だからこそ、別にそこまではっきりとした内容を求めとる訳やないから、気にせんでもええのに、ほんま、そう言う所は律儀なんやなぁ。
「とりあえず、探索やしこの辺に何があるかは知っときたいんや。それに、分からへんなったら、その辺の浮幽霊に聞きゃええんやしな」
『……………』
笑いながら返したオレに、ジョットが複雑な表情を見せる。
なんや、オレ変な事言うたんやろうか?
よう分からへんのやけど、ジョットが複雑な表情をするのにもう一度首を傾げながら、出掛ける準備をする。
言うても、ここに来る時に持っとったでっかいスポーツバックを置いて、ポケットに財布と携帯を入れるだけなんやけどな。
ポケットの中にこの二つがある事を確認してから、今度から必要不可欠な存在となるやろうカードキーと準備してくれとった菓子詰を手に部屋を出た。
ドアのキーは自動ロックになっとるようやから、忘れんようにカードキーは持ち歩かんとあかん。
忘れたら、管理人に言えば何とかしてくれるんやろうか?
自分が結構抜けとる自覚はしとるから、素直にそないな事を考えてしまうんは、間違いなくやらかしてしまうと言う自信があるからからや。
その時には、ジョットに頼んだらドアを開けてもらえるんやろうか?
それで何とかなるんやったら、助かるんやけどな。
「えっと、まずは管理の人に挨拶やな」
居ってくれると、ええんやけど……
入ってくる時は、居らんかった管理人の事を思い出しながら、エレベーターに乗り一階へと向かう。
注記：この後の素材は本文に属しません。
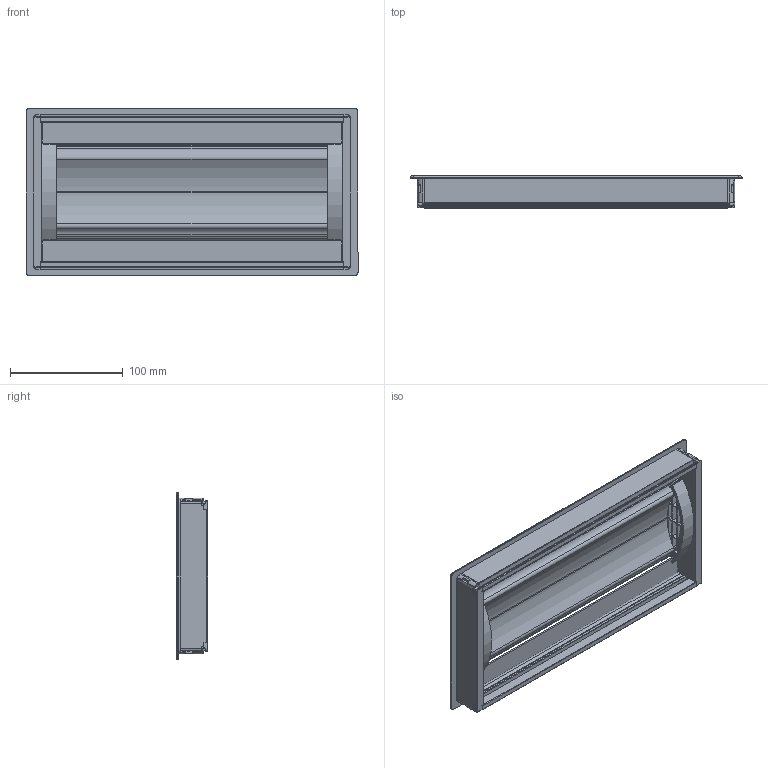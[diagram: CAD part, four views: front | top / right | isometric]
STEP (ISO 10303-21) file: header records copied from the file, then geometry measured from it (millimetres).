
FILE_DESCRIPTION((''),'2;1');
FILE_NAME('P:\Manufacturing\Autocad drawings\Inventor\blocks\PMPY - blocks\PMPY LID 45 - Block.stp','2021-02-19T14:24:04',('ScottReyner'),(''),'Autodesk Inventor 2012','Autodesk Inventor 2012','');
FILE_SCHEMA(('AUTOMOTIVE_DESIGN { 1 0 10303 214 1 1 1 1 }'));
Length unit declared in the file: millimetre
Products named in the file (1): PMPY LID 45 - Block
Bounding box: 294 x 28.1 x 148 mm (x, y, z)
Volume: 288064 mm3; surface area: 209094 mm2
Topology: 8 solids, 8 shells, 996 faces, 2647 edges, 1665 vertices
Faces by surface type: plane 450, cylinder 312, cone 70, bspline 66, torus 65, sphere 30, revolution 3
Full cylindrical faces by diameter (mm): 4 x4, 8 x2
Entity records: 33313 total; most frequent: CARTESIAN_POINT 8869, ORIENTED_EDGE 5166, DIRECTION 5121, EDGE_CURVE 2583, AXIS2_PLACEMENT_3D 1860, VERTEX_POINT 1649, VECTOR 1398, LINE 1398
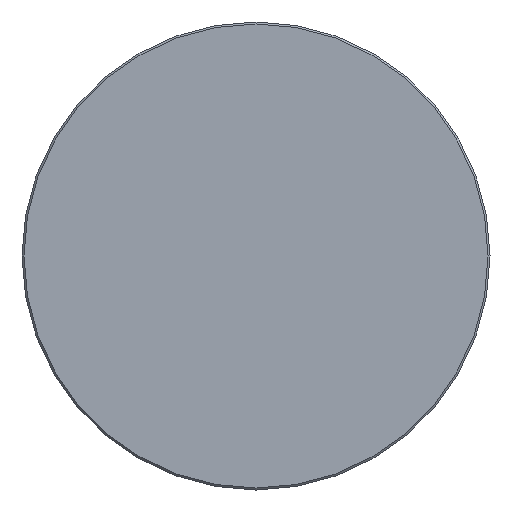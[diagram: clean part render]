
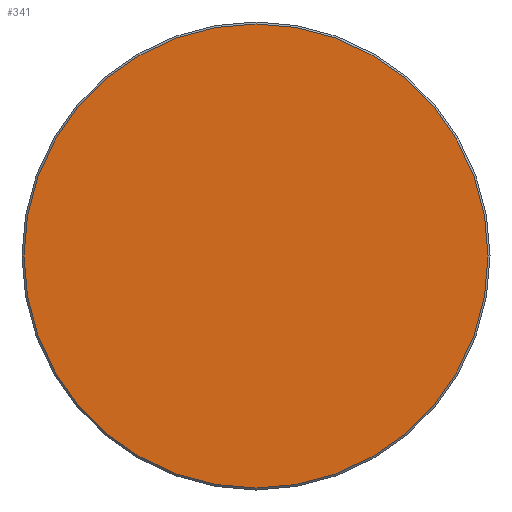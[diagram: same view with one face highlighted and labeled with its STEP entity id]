
A CAD part, left-side view. The second image highlights one B-rep face of the part: STEP entity #341.
In plain terms, the highlighted planar face has unit normal (-1, 0, 0).
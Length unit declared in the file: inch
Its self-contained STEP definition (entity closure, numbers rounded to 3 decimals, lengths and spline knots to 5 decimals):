
#4 = DIRECTION ( 'NONE',  ( -1., 0., 0. ) ) ;
#10 = DIRECTION ( 'NONE',  ( 0., -1., 0. ) ) ;
#15 = FACE_OUTER_BOUND ( 'NONE', #331, .T. ) ;
#31 = ORIENTED_EDGE ( 'NONE', *, *, #96, .T. ) ;
#62 = CIRCLE ( 'NONE', #360, 0.46475 ) ;
#73 = DIRECTION ( 'NONE',  ( 0., -1., 0. ) ) ;
#92 = PLANE ( 'NONE',  #290 ) ;
#93 = VERTEX_POINT ( 'NONE', #215 ) ;
#96 = EDGE_CURVE ( 'NONE', #93, #339, #261, .T. ) ;
#140 = DIRECTION ( 'NONE',  ( 0., -1., 0. ) ) ;
#183 = DIRECTION ( 'NONE',  ( -1., 0., 0. ) ) ;
#215 = CARTESIAN_POINT ( 'NONE',  ( 0., 0.46475, 0. ) ) ;
#231 = CARTESIAN_POINT ( 'NONE',  ( 0., -0.46475, 0. ) ) ;
#261 = CIRCLE ( 'NONE', #272, 0.46475 ) ;
#272 = AXIS2_PLACEMENT_3D ( 'NONE', #342, #183, #73 ) ;
#285 = ORIENTED_EDGE ( 'NONE', *, *, #381, .T. ) ;
#286 = DIRECTION ( 'NONE',  ( -1., 0., 0. ) ) ;
#289 = CARTESIAN_POINT ( 'NONE',  ( 0., 0., 0. ) ) ;
#290 = AXIS2_PLACEMENT_3D ( 'NONE', #289, #4, #10 ) ;
#323 = CARTESIAN_POINT ( 'NONE',  ( 0., 0., 0. ) ) ;
#331 = EDGE_LOOP ( 'NONE', ( #31, #285 ) ) ;
#339 = VERTEX_POINT ( 'NONE', #231 ) ;
#341 = ADVANCED_FACE ( 'NONE', ( #15 ), #92, .T. ) ;
#342 = CARTESIAN_POINT ( 'NONE',  ( 0., 0., 0. ) ) ;
#360 = AXIS2_PLACEMENT_3D ( 'NONE', #323, #286, #140 ) ;
#381 = EDGE_CURVE ( 'NONE', #339, #93, #62, .T. ) ;
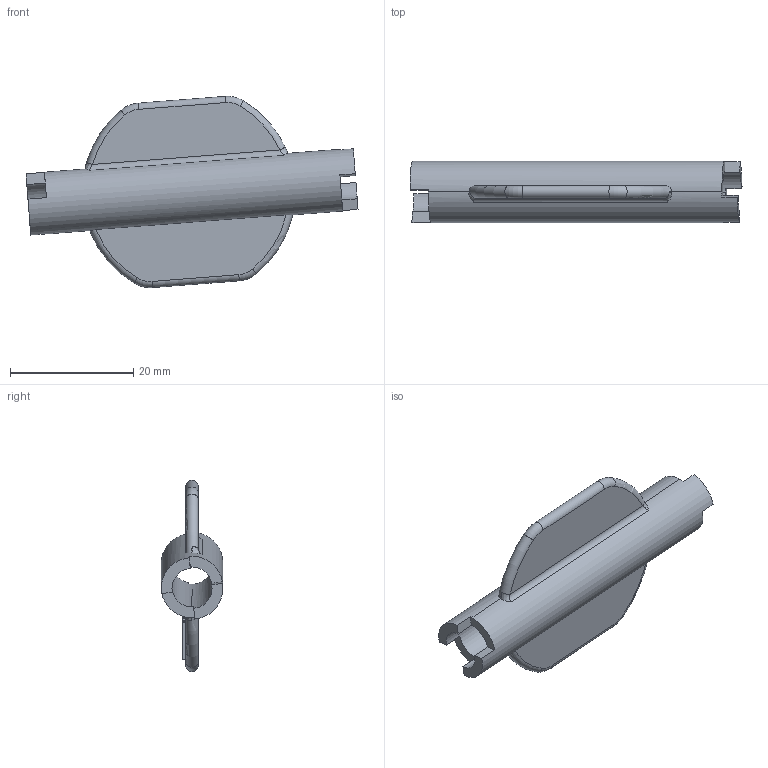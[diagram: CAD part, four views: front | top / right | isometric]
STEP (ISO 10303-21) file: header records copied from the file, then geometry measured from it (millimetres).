
FILE_DESCRIPTION((''),'2;1');
FILE_NAME('0000237109_PRT','2025-11-12T18:33:26',('Wyndorps'),(''),'CREO PARAMETRIC BY PTC INC, 2025010','CREO PARAMETRIC BY PTC INC, 2025010','');
FILE_SCHEMA(('CONFIG_CONTROL_DESIGN'));
Length unit declared in the file: millimetre
Products named in the file (1): 0000237109_PRT
Bounding box: 53.79 x 10 x 30.96 mm (x, y, z)
Volume: 3354 mm3; surface area: 3820.8 mm2
Topology: 1 solids, 1 shells, 96 faces, 259 edges, 170 vertices
Faces by surface type: plane 57, extrusion 15, cylinder 12, torus 8, bspline 4
Entity records: 3464 total; most frequent: CARTESIAN_POINT 1068, ORIENTED_EDGE 518, DIRECTION 434, EDGE_CURVE 259, VERTEX_POINT 170, VECTOR 168, LINE 153, AXIS2_PLACEMENT_3D 133

軽い音を鳴らしてエレベーターが目的の階で止まり、ドアが開く。
それに従って、エレベーターを出れば、心配は杞憂に終わり管理の人はちゃんと管理室に居ってくれたんで簡単な挨拶を済ませてから、マンションを出た。
管理の人は気さくな人で、親切な事にこの辺の地理を簡単に説明してくれたので、有難い。
兎に角、今の目的は食いもんや!
近くに商店街がある言うとったから、そっちに行けばファーストフードぐらい売ってるやろう。
まずは腹ごしらえしてから、買い物した方がええかな?
「まぁ。行きながら考えるか」
今日の夕飯は、カップめんで決まりやし、明日の朝は普通にパンでええやろう。
って、米とかも買わんといかんのやったな、それは明日でええか……
流石に、今日はそこまでの手持ちがないから、夜に親父に連絡してその辺の事ちゃんと聞かなあかんよな。
そんな事を考えながら、教えられた商店街に向けてゆっくりとした足取りで歩き出す。
でもまさか、この買い物が人生を左右するものになるやなんて、今のオレが知るよしもなかった。